DATA EXTRACT>
'''
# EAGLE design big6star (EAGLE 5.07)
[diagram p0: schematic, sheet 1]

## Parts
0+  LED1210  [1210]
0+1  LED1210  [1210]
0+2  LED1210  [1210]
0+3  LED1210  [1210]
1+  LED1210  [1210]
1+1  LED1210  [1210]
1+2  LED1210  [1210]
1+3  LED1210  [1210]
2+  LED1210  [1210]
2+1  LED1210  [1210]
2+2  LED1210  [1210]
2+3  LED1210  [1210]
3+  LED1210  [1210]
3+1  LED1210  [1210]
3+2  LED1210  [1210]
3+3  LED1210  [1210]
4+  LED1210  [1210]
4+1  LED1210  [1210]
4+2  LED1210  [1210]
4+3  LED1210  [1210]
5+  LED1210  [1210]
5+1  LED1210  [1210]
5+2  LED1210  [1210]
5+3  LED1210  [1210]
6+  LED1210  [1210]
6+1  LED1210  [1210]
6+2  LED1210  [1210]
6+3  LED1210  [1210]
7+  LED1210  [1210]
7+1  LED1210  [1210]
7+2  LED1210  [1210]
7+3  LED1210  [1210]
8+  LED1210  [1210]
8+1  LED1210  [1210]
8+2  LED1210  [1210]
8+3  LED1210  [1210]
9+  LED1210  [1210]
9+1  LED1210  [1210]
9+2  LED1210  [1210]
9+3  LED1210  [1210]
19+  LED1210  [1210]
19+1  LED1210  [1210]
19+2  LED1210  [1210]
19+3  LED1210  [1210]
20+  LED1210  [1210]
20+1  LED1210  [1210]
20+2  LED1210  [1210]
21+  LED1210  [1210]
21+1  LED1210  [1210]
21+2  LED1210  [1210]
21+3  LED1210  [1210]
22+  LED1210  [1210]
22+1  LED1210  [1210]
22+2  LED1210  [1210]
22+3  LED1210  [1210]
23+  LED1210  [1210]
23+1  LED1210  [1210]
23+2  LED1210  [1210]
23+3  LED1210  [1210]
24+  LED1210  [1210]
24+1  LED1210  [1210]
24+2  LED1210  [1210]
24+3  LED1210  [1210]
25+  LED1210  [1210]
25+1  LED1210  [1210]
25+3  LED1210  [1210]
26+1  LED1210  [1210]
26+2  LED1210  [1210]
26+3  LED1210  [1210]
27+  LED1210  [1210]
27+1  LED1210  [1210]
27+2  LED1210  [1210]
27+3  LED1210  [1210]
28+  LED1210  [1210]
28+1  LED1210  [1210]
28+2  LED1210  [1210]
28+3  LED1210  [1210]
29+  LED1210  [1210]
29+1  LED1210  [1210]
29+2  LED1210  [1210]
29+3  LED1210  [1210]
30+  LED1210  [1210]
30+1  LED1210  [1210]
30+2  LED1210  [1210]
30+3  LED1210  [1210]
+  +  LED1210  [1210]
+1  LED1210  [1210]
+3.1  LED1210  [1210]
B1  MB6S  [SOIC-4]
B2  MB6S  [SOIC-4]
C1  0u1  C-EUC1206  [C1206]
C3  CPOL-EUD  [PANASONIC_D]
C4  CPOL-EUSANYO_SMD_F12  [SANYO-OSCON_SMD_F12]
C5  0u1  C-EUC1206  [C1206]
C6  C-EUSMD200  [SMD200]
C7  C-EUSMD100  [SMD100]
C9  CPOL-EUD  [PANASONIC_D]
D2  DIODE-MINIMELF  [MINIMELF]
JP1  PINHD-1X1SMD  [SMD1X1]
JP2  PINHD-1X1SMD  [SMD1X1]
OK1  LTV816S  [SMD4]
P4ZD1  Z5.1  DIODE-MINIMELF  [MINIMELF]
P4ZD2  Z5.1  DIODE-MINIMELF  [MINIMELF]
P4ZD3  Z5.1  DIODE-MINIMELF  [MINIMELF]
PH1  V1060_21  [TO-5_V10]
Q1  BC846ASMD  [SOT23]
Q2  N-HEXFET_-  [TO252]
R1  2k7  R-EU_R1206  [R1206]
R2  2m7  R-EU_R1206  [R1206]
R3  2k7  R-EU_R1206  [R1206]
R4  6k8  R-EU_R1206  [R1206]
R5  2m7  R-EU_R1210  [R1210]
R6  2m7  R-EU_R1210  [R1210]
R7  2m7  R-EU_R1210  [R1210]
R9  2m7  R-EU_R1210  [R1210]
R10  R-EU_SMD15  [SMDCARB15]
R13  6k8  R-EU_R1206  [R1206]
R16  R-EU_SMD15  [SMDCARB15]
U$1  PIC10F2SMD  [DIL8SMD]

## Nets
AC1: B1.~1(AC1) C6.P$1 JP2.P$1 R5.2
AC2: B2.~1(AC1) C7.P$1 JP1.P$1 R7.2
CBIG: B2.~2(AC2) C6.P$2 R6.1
'''
YOUR ASSIGNMENT>
For the string "CPOL", show each line of the listing where it appears.

TASK RESULT>
C3  CPOL-EUD  [PANASONIC_D]
C4  CPOL-EUSANYO_SMD_F12  [SANYO-OSCON_SMD_F12]
C9  CPOL-EUD  [PANASONIC_D]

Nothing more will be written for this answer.